Each entry needs to be repeated exactly, with nothing added or removed.

» **Supplied data**:
__________________________________________________
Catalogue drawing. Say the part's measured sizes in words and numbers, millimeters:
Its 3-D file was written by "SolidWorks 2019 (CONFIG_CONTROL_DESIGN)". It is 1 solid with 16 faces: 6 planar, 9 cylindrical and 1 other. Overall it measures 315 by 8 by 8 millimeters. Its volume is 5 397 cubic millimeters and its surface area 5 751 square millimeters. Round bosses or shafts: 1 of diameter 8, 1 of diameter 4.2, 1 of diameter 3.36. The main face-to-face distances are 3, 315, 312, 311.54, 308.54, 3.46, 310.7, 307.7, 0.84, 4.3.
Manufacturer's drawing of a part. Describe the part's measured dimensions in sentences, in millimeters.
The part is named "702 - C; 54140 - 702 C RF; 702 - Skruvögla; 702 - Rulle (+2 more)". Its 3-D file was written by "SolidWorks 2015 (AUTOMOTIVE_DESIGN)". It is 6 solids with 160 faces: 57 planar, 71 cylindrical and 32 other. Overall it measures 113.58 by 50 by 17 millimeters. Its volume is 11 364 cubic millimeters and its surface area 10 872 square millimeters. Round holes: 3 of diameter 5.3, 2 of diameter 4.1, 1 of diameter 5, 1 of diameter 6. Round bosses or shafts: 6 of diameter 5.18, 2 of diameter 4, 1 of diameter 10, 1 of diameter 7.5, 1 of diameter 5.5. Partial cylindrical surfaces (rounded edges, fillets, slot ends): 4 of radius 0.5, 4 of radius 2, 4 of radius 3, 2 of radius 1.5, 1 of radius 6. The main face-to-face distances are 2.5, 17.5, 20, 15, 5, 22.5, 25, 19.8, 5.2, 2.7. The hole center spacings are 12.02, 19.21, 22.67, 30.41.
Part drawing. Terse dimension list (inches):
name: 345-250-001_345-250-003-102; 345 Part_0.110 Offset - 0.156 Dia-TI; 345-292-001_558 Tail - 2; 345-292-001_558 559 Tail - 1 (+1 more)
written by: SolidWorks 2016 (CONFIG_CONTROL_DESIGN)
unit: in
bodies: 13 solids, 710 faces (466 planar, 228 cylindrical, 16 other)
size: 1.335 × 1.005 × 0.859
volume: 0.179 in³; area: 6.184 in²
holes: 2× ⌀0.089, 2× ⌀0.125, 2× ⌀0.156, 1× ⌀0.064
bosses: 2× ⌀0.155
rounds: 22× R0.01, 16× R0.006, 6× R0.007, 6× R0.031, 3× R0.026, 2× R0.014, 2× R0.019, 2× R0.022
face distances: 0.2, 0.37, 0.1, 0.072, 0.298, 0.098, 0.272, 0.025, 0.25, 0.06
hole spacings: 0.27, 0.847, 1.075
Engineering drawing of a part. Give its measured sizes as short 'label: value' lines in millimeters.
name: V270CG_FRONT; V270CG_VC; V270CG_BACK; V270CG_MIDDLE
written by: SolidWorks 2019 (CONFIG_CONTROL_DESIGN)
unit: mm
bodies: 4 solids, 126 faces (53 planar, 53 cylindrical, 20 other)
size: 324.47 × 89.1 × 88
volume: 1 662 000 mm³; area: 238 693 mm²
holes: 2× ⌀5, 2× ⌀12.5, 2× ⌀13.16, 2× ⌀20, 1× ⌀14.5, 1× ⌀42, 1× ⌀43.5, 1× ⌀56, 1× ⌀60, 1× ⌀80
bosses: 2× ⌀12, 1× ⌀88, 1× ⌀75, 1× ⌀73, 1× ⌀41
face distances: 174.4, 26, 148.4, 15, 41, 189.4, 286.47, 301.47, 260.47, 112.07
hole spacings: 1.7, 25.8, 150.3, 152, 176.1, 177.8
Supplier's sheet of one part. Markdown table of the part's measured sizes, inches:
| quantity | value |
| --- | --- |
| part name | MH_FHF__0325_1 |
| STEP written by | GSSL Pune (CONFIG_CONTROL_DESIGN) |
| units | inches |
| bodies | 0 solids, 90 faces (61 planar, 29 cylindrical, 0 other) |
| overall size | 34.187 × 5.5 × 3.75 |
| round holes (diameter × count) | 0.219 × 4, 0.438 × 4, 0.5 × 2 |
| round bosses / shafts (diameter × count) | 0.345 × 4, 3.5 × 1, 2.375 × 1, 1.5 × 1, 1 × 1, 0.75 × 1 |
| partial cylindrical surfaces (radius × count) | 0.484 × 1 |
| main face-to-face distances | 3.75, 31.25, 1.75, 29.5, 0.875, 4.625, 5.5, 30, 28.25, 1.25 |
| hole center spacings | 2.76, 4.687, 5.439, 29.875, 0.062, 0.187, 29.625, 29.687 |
__________________________________________________
» **Result for this task**:
Catalogue drawing. Say the part's measured sizes in words and numbers, millimeters:
Its 3-D file was written by "SolidWorks 2019 (CONFIG_CONTROL_DESIGN)". It is 1 solid with 16 faces: 6 planar, 9 cylindrical and 1 other. Overall it measures 315 by 8 by 8 millimeters. Its volume is 5 397 cubic millimeters and its surface area 5 751 square millimeters. Round bosses or shafts: 1 of diameter 8, 1 of diameter 4.2, 1 of diameter 3.36. The main face-to-face distances are 3, 315, 312, 311.54, 308.54, 3.46, 310.7, 307.7, 0.84, 4.3.
Manufacturer's drawing of a part. Describe the part's measured dimensions in sentences, in millimeters.
The part is named "702 - C; 54140 - 702 C RF; 702 - Skruvögla; 702 - Rulle (+2 more)". Its 3-D file was written by "SolidWorks 2015 (AUTOMOTIVE_DESIGN)". It is 6 solids with 160 faces: 57 planar, 71 cylindrical and 32 other. Overall it measures 113.58 by 50 by 17 millimeters. Its volume is 11 364 cubic millimeters and its surface area 10 872 square millimeters. Round holes: 3 of diameter 5.3, 2 of diameter 4.1, 1 of diameter 5, 1 of diameter 6. Round bosses or shafts: 6 of diameter 5.18, 2 of diameter 4, 1 of diameter 10, 1 of diameter 7.5, 1 of diameter 5.5. Partial cylindrical surfaces (rounded edges, fillets, slot ends): 4 of radius 0.5, 4 of radius 2, 4 of radius 3, 2 of radius 1.5, 1 of radius 6. The main face-to-face distances are 2.5, 17.5, 20, 15, 5, 22.5, 25, 19.8, 5.2, 2.7. The hole center spacings are 12.02, 19.21, 22.67, 30.41.
Part drawing. Terse dimension list (inches):
name: 345-250-001_345-250-003-102; 345 Part_0.110 Offset - 0.156 Dia-TI; 345-292-001_558 Tail - 2; 345-292-001_558 559 Tail - 1 (+1 more)
written by: SolidWorks 2016 (CONFIG_CONTROL_DESIGN)
unit: in
bodies: 13 solids, 710 faces (466 planar, 228 cylindrical, 16 other)
size: 1.335 × 1.005 × 0.859
volume: 0.179 in³; area: 6.184 in²
holes: 2× ⌀0.089, 2× ⌀0.125, 2× ⌀0.156, 1× ⌀0.064
bosses: 2× ⌀0.155
rounds: 22× R0.01, 16× R0.006, 6× R0.007, 6× R0.031, 3× R0.026, 2× R0.014, 2× R0.019, 2× R0.022
face distances: 0.2, 0.37, 0.1, 0.072, 0.298, 0.098, 0.272, 0.025, 0.25, 0.06
hole spacings: 0.27, 0.847, 1.075
Engineering drawing of a part. Give its measured sizes as short 'label: value' lines in millimeters.
name: V270CG_FRONT; V270CG_VC; V270CG_BACK; V270CG_MIDDLE
written by: SolidWorks 2019 (CONFIG_CONTROL_DESIGN)
unit: mm
bodies: 4 solids, 126 faces (53 planar, 53 cylindrical, 20 other)
size: 324.47 × 89.1 × 88
volume: 1 662 000 mm³; area: 238 693 mm²
holes: 2× ⌀5, 2× ⌀12.5, 2× ⌀13.16, 2× ⌀20, 1× ⌀14.5, 1× ⌀42, 1× ⌀43.5, 1× ⌀56, 1× ⌀60, 1× ⌀80
bosses: 2× ⌀12, 1× ⌀88, 1× ⌀75, 1× ⌀73, 1× ⌀41
face distances: 174.4, 26, 148.4, 15, 41, 189.4, 286.47, 301.47, 260.47, 112.07
hole spacings: 1.7, 25.8, 150.3, 152, 176.1, 177.8
Supplier's sheet of one part. Markdown table of the part's measured sizes, inches:
| quantity | value |
| --- | --- |
| part name | MH_FHF__0325_1 |
| STEP written by | GSSL Pune (CONFIG_CONTROL_DESIGN) |
| units | inches |
| bodies | 0 solids, 90 faces (61 planar, 29 cylindrical, 0 other) |
| overall size | 34.187 × 5.5 × 3.75 |
| round holes (diameter × count) | 0.219 × 4, 0.438 × 4, 0.5 × 2 |
| round bosses / shafts (diameter × count) | 0.345 × 4, 3.5 × 1, 2.375 × 1, 1.5 × 1, 1 × 1, 0.75 × 1 |
| partial cylindrical surfaces (radius × count) | 0.484 × 1 |
| main face-to-face distances | 3.75, 31.25, 1.75, 29.5, 0.875, 4.625, 5.5, 30, 28.25, 1.25 |
| hole center spacings | 2.76, 4.687, 5.439, 29.875, 0.062, 0.187, 29.625, 29.687 |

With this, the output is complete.